== Segment start ==

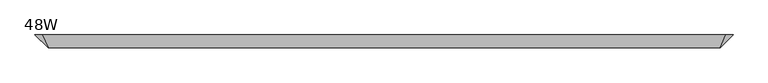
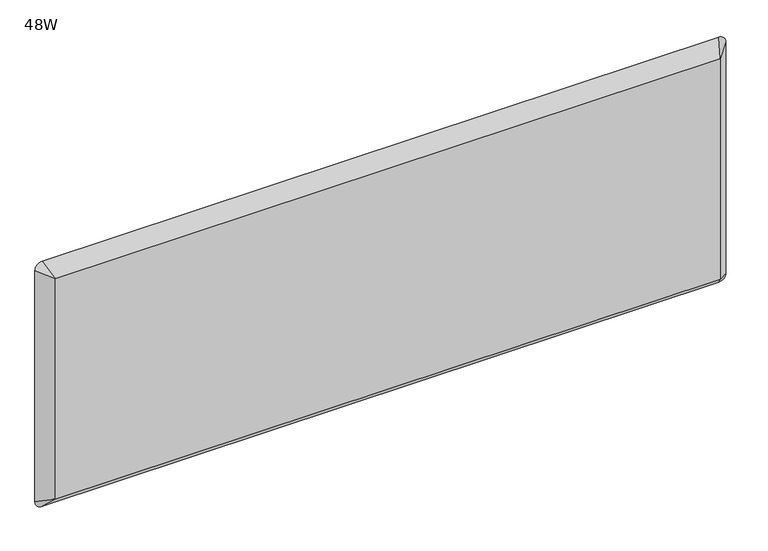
"""IFC4 building model written with IfcOpenShell, lengths in millimetres: furniture geometry, Steelcase - Answer Solution - Tackboards for Use with Wall Channels : 48W."""

from ifc_helpers import new_model, si_unit, frame, origin, place, context, project, spatial, circle_curve, source, transform, mapped, element, save
from ifc_brep_helpers import plane_surface, spline_surface, advanced_brep


def furniture_48w_070e4805(model_context):
    return source(origin(), model_context, "Body", "AdvancedBrep", [
        advanced_brep(
        [(1234.44, -58.549664, 1158.24), (60.96, -58.549664, 1158.24), (60.96, -58.549664, 746.76), (1234.44, -58.549664, 746.76), (1244.6, -36.19754, 1181.1), (1257.3, -36.19754, 1168.4), (1257.3, -36.19754, 736.6), (1244.6, -36.19754, 723.9), (50.8, -36.19754, 723.9), (38.1, -36.19754, 736.6), (38.1, -36.19754, 1168.4), (50.8, -36.19754, 1181.1)],
        [
            (0, 1),
            (1, 2),
            (2, 3),
            (3, 0),
            (4, 5, circle_curve(frame((1244.6, -36.19754, 1168.4), z_axis=(0.0, 1.0, 0.0), x_axis=(-1.0, 0.0, 0.0)), 12.7)),
            (5, 6),
            (6, 7, circle_curve(frame((1244.6, -36.19754, 736.6), z_axis=(0.0, 1.0, 0.0), x_axis=(-1.0, 0.0, 0.0)), 12.7)),
            (7, 8),
            (8, 9, circle_curve(frame((50.8, -36.19754, 736.6), z_axis=(0.0, 1.0, 0.0), x_axis=(-1.0, 0.0, 0.0)), 12.7)),
            (9, 10),
            (10, 11, circle_curve(frame((50.8, -36.19754, 1168.4), z_axis=(0.0, 1.0, 0.0), x_axis=(-1.0, 0.0, 0.0)), 12.7)),
            (11, 4),
            (4, 0),
            (0, 5),
            (3, 6),
            (3, 7),
            (2, 8),
            (2, 9),
            (1, 10),
            (1, 11),
        ],
        [
            plane_surface(frame((647.7, -58.549664, 952.5), z_axis=(0.0, -1.0, 0.0), x_axis=(1.0, 0.0, 0.0))),
            plane_surface(frame((647.7, -36.19754, 952.5), z_axis=(0.0, 1.0, 0.0), x_axis=(1.0, 0.0, 0.0))),
            spline_surface(2, 1, [[(1257.3, -36.19754, 1168.4), (1234.44, -58.549664, 1158.24)], [(1257.3000000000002, -36.19754, 1181.1000000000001), (1234.44, -58.549664, 1158.24)], [(1244.6, -36.19754, 1181.1), (1234.44, -58.549664, 1158.24)]], [3, 3], [2, 2], [0.0, 1.0], [0.0, 1.0], weights=[[1.0, 1.0], [0.7071067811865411, 0.7071067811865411], [1.0, 1.0]]),
            plane_surface(frame((1257.3, -36.19754, 952.5), z_axis=(0.6991196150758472, -0.7150047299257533, 0.0), x_axis=(0.0, 0.0, 1.0))),
            spline_surface(2, 1, [[(1244.6, -36.19754, 723.9), (1234.44, -58.549664, 746.76)], [(1257.3, -36.19754, 723.9), (1234.44, -58.549664, 746.76)], [(1257.3, -36.19754, 736.6), (1234.44, -58.549664, 746.76)]], [3, 3], [2, 2], [0.0, 1.0], [0.0, 1.0], weights=[[1.0, 1.0], [0.7071067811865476, 0.7071067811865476], [1.0, 1.0]]),
            plane_surface(frame((647.7, -36.19754, 723.9), z_axis=(0.0, -0.7150047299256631, -0.6991196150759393), x_axis=(1.0, 0.0, 0.0))),
            spline_surface(2, 1, [[(38.1, -36.19754, 736.6), (60.96, -58.549664, 746.76)], [(38.10000000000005, -36.19754, 723.9), (60.96, -58.549664, 746.76)], [(50.8, -36.19754, 723.9), (60.96, -58.549664, 746.76)]], [3, 3], [2, 2], [0.0, 1.0], [0.0, 1.0], weights=[[1.0, 1.0], [0.7071067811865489, 0.7071067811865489], [1.0, 1.0]]),
            plane_surface(frame((38.1, -36.19754, 952.5), z_axis=(-0.699119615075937, -0.7150047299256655, 0.0), x_axis=(0.0, 0.0, -1.0))),
            spline_surface(2, 1, [[(50.8, -36.19754, 1181.1), (60.96, -58.549664, 1158.24)], [(38.10000000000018, -36.19754, 1181.0999999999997), (60.96, -58.549664, 1158.24)], [(38.1, -36.19754, 1168.4), (60.96, -58.549664, 1158.24)]], [3, 3], [2, 2], [0.0, 1.0], [0.0, 1.0], weights=[[1.0, 1.0], [0.7071067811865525, 0.7071067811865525], [1.0, 1.0]]),
            plane_surface(frame((647.7, -36.19754, 1181.1), z_axis=(0.0, -0.7150047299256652, 0.6991196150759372), x_axis=(-1.0, 0.0, 0.0))),
        ],
        [
            (0, [[1, 2, 3, 4]]),
            (1, [[5, 6, 7, 8, 9, 10, 11, 12]]),
            (2, [[-5, 13, 14]]),
            (3, [[-6, -14, -4, 15]]),
            (4, [[-7, -15, 16]]),
            (5, [[-8, -16, -3, 17]]),
            (6, [[-9, -17, 18]]),
            (7, [[-10, -18, -2, 19]]),
            (8, [[-11, -19, 20]]),
            (9, [[-12, -20, -1, -13]]),
        ],
    ),
    ])


if __name__ == "__main__":
    model = new_model("IFC4")
    model_context = context("Model", 3, world=origin())
    ifc_project = project(units=[si_unit("LENGTHUNIT", "METRE", prefix="MILLI")], contexts=[model_context])
    site = spatial("IfcSite", under=ifc_project)
    building = spatial("IfcBuilding", under=site)
    placement = place(None, origin())
    furniture_48w_shape = furniture_48w_070e4805(model_context)
    element("IfcFurniture", 1, ObjectType="Steelcase - Answer Solution - Tackboards for Use with Wall Channels : 48W", at=placement, inside=building, context=model_context, shape_type="MappedRepresentation", body=[
        mapped(furniture_48w_shape, transform((0.0, 0.0, 0.0), x_axis=(1.0, 0.0, 0.0), y_axis=(0.0, 1.0, 0.0), z_axis=(0.0, 0.0, 1.0))),
    ])
    save(model, "model.ifc")
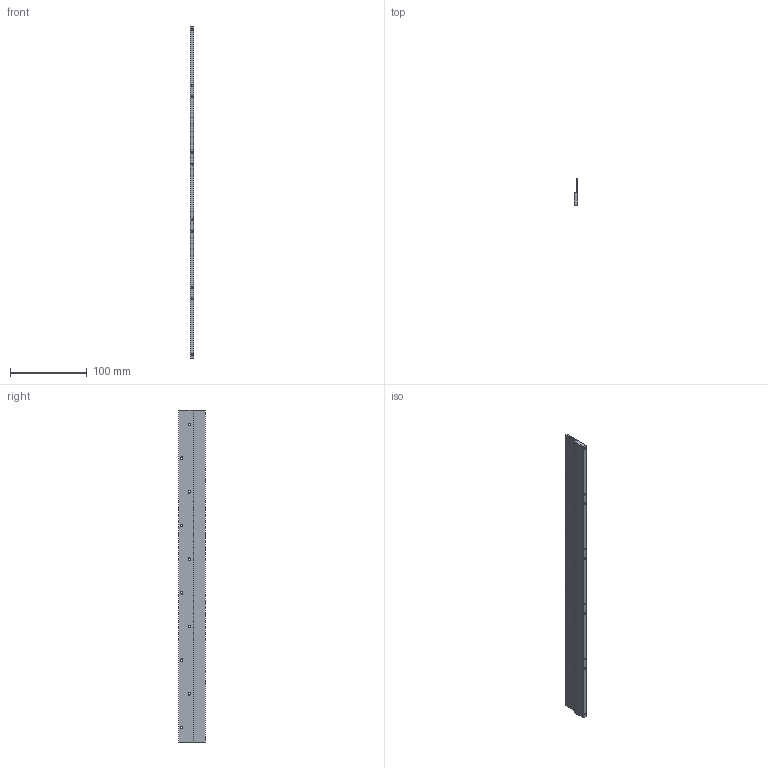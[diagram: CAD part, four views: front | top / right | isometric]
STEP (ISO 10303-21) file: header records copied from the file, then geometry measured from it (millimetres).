
FILE_DESCRIPTION(/* description */ ('Mounting Rail for 19" Subrack 3U','CAx-IF Rec.Pracs.---Representation and Presentation of Product Manufacturing Information (PMI)---4.0---2014-10-13'),/* implementation_level */ '2;1');
FILE_NAME(/* name */ 'E:\CAMTEC_2020_Pack and Go\Subrack_3U\2051050002CA.stp',/* time_stamp */ '2020-09-21T17:58:07+02:00',/* author */ ('rryba'),/* organization */ (''),/* preprocessor_version */ 'ST-DEVELOPER v18.1',/* originating_system */ 'Autodesk Inventor 2021',/* authorisation */ '');
FILE_SCHEMA (('AP242_MANAGED_MODEL_BASED_3D_ENGINEERING_MIM_LF { 1 0 10303 442 1 1 4 }'));
Length unit declared in the file: millimetre
Products named in the file (1): 2051050002CA
Bounding box: 5 x 35 x 434 mm (x, y, z)
Volume: 50253.8 mm3; surface area: 35904.3 mm2
Topology: 1 solids, 1 shells, 58 faces, 158 edges, 112 vertices
Faces by surface type: cylinder 30, cone 20, plane 8
Full cylindrical faces by diameter (mm): 2.459 x10, 3.4 x10, 5.9 x10
Entity records: 1822 total; most frequent: DIRECTION 326, CARTESIAN_POINT 299, ORIENTED_EDGE 256, AXIS2_PLACEMENT_3D 129, EDGE_CURVE 128, EDGE_LOOP 88, VERTEX_POINT 82, CIRCLE 70

== Segment end ==

**WORK INSTRUCTIONS:**
Restate every line of the data above word for word, with the images removed.

**YOUR RESPONSE:**
"""IFC4 building model written with IfcOpenShell, lengths in millimetres: furniture geometry, Steelcase - Answer Solution - Tackboards for Use with Wall Channels : 48W."""

from ifc_helpers import new_model, si_unit, frame, origin, place, context, project, spatial, circle_curve, source, transform, mapped, element, save
from ifc_brep_helpers import plane_surface, spline_surface, advanced_brep


def furniture_48w_070e4805(model_context):
    return source(origin(), model_context, "Body", "AdvancedBrep", [
        advanced_brep(
        [(1234.44, -58.549664, 1158.24), (60.96, -58.549664, 1158.24), (60.96, -58.549664, 746.76), (1234.44, -58.549664, 746.76), (1244.6, -36.19754, 1181.1), (1257.3, -36.19754, 1168.4), (1257.3, -36.19754, 736.6), (1244.6, -36.19754, 723.9), (50.8, -36.19754, 723.9), (38.1, -36.19754, 736.6), (38.1, -36.19754, 1168.4), (50.8, -36.19754, 1181.1)],
        [
            (0, 1),
            (1, 2),
            (2, 3),
            (3, 0),
            (4, 5, circle_curve(frame((1244.6, -36.19754, 1168.4), z_axis=(0.0, 1.0, 0.0), x_axis=(-1.0, 0.0, 0.0)), 12.7)),
            (5, 6),
            (6, 7, circle_curve(frame((1244.6, -36.19754, 736.6), z_axis=(0.0, 1.0, 0.0), x_axis=(-1.0, 0.0, 0.0)), 12.7)),
            (7, 8),
            (8, 9, circle_curve(frame((50.8, -36.19754, 736.6), z_axis=(0.0, 1.0, 0.0), x_axis=(-1.0, 0.0, 0.0)), 12.7)),
            (9, 10),
            (10, 11, circle_curve(frame((50.8, -36.19754, 1168.4), z_axis=(0.0, 1.0, 0.0), x_axis=(-1.0, 0.0, 0.0)), 12.7)),
            (11, 4),
            (4, 0),
            (0, 5),
            (3, 6),
            (3, 7),
            (2, 8),
            (2, 9),
            (1, 10),
            (1, 11),
        ],
        [
            plane_surface(frame((647.7, -58.549664, 952.5), z_axis=(0.0, -1.0, 0.0), x_axis=(1.0, 0.0, 0.0))),
            plane_surface(frame((647.7, -36.19754, 952.5), z_axis=(0.0, 1.0, 0.0), x_axis=(1.0, 0.0, 0.0))),
            spline_surface(2, 1, [[(1257.3, -36.19754, 1168.4), (1234.44, -58.549664, 1158.24)], [(1257.3000000000002, -36.19754, 1181.1000000000001), (1234.44, -58.549664, 1158.24)], [(1244.6, -36.19754, 1181.1), (1234.44, -58.549664, 1158.24)]], [3, 3], [2, 2], [0.0, 1.0], [0.0, 1.0], weights=[[1.0, 1.0], [0.7071067811865411, 0.7071067811865411], [1.0, 1.0]]),
            plane_surface(frame((1257.3, -36.19754, 952.5), z_axis=(0.6991196150758472, -0.7150047299257533, 0.0), x_axis=(0.0, 0.0, 1.0))),
            spline_surface(2, 1, [[(1244.6, -36.19754, 723.9), (1234.44, -58.549664, 746.76)], [(1257.3, -36.19754, 723.9), (1234.44, -58.549664, 746.76)], [(1257.3, -36.19754, 736.6), (1234.44, -58.549664, 746.76)]], [3, 3], [2, 2], [0.0, 1.0], [0.0, 1.0], weights=[[1.0, 1.0], [0.7071067811865476, 0.7071067811865476], [1.0, 1.0]]),
            plane_surface(frame((647.7, -36.19754, 723.9), z_axis=(0.0, -0.7150047299256631, -0.6991196150759393), x_axis=(1.0, 0.0, 0.0))),
            spline_surface(2, 1, [[(38.1, -36.19754, 736.6), (60.96, -58.549664, 746.76)], [(38.10000000000005, -36.19754, 723.9), (60.96, -58.549664, 746.76)], [(50.8, -36.19754, 723.9), (60.96, -58.549664, 746.76)]], [3, 3], [2, 2], [0.0, 1.0], [0.0, 1.0], weights=[[1.0, 1.0], [0.7071067811865489, 0.7071067811865489], [1.0, 1.0]]),
            plane_surface(frame((38.1, -36.19754, 952.5), z_axis=(-0.699119615075937, -0.7150047299256655, 0.0), x_axis=(0.0, 0.0, -1.0))),
            spline_surface(2, 1, [[(50.8, -36.19754, 1181.1), (60.96, -58.549664, 1158.24)], [(38.10000000000018, -36.19754, 1181.0999999999997), (60.96, -58.549664, 1158.24)], [(38.1, -36.19754, 1168.4), (60.96, -58.549664, 1158.24)]], [3, 3], [2, 2], [0.0, 1.0], [0.0, 1.0], weights=[[1.0, 1.0], [0.7071067811865525, 0.7071067811865525], [1.0, 1.0]]),
            plane_surface(frame((647.7, -36.19754, 1181.1), z_axis=(0.0, -0.7150047299256652, 0.6991196150759372), x_axis=(-1.0, 0.0, 0.0))),
        ],
        [
            (0, [[1, 2, 3, 4]]),
            (1, [[5, 6, 7, 8, 9, 10, 11, 12]]),
            (2, [[-5, 13, 14]]),
            (3, [[-6, -14, -4, 15]]),
            (4, [[-7, -15, 16]]),
            (5, [[-8, -16, -3, 17]]),
            (6, [[-9, -17, 18]]),
            (7, [[-10, -18, -2, 19]]),
            (8, [[-11, -19, 20]]),
            (9, [[-12, -20, -1, -13]]),
        ],
    ),
    ])


if __name__ == "__main__":
    model = new_model("IFC4")
    model_context = context("Model", 3, world=origin())
    ifc_project = project(units=[si_unit("LENGTHUNIT", "METRE", prefix="MILLI")], contexts=[model_context])
    site = spatial("IfcSite", under=ifc_project)
    building = spatial("IfcBuilding", under=site)
    placement = place(None, origin())
    furniture_48w_shape = furniture_48w_070e4805(model_context)
    element("IfcFurniture", 1, ObjectType="Steelcase - Answer Solution - Tackboards for Use with Wall Channels : 48W", at=placement, inside=building, context=model_context, shape_type="MappedRepresentation", body=[
        mapped(furniture_48w_shape, transform((0.0, 0.0, 0.0), x_axis=(1.0, 0.0, 0.0), y_axis=(0.0, 1.0, 0.0), z_axis=(0.0, 0.0, 1.0))),
    ])
    save(model, "model.ifc")
[diagram: CAD part, four views: front | top / right | isometric]
STEP (ISO 10303-21) file: header records copied from the file, then geometry measured from it (millimetres).
FILE_DESCRIPTION(/* description */ ('Mounting Rail for 19" Subrack 3U','CAx-IF Rec.Pracs.---Representation and Presentation of Product Manufacturing Information (PMI)---4.0---2014-10-13'),/* implementation_level */ '2;1');
FILE_NAME(/* name */ 'E:\CAMTEC_2020_Pack and Go\Subrack_3U\2051050002CA.stp',/* time_stamp */ '2020-09-21T17:58:07+02:00',/* author */ ('rryba'),/* organization */ (''),/* preprocessor_version */ 'ST-DEVELOPER v18.1',/* originating_system */ 'Autodesk Inventor 2021',/* authorisation */ '');
FILE_SCHEMA (('AP242_MANAGED_MODEL_BASED_3D_ENGINEERING_MIM_LF { 1 0 10303 442 1 1 4 }'));
Length unit declared in the file: millimetre
Products named in the file (1): 2051050002CA
Bounding box: 5 x 35 x 434 mm (x, y, z)
Volume: 50253.8 mm3; surface area: 35904.3 mm2
Topology: 1 solids, 1 shells, 58 faces, 158 edges, 112 vertices
Faces by surface type: cylinder 30, cone 20, plane 8
Full cylindrical faces by diameter (mm): 2.459 x10, 3.4 x10, 5.9 x10
Entity records: 1822 total; most frequent: DIRECTION 326, CARTESIAN_POINT 299, ORIENTED_EDGE 256, AXIS2_PLACEMENT_3D 129, EDGE_CURVE 128, EDGE_LOOP 88, VERTEX_POINT 82, CIRCLE 70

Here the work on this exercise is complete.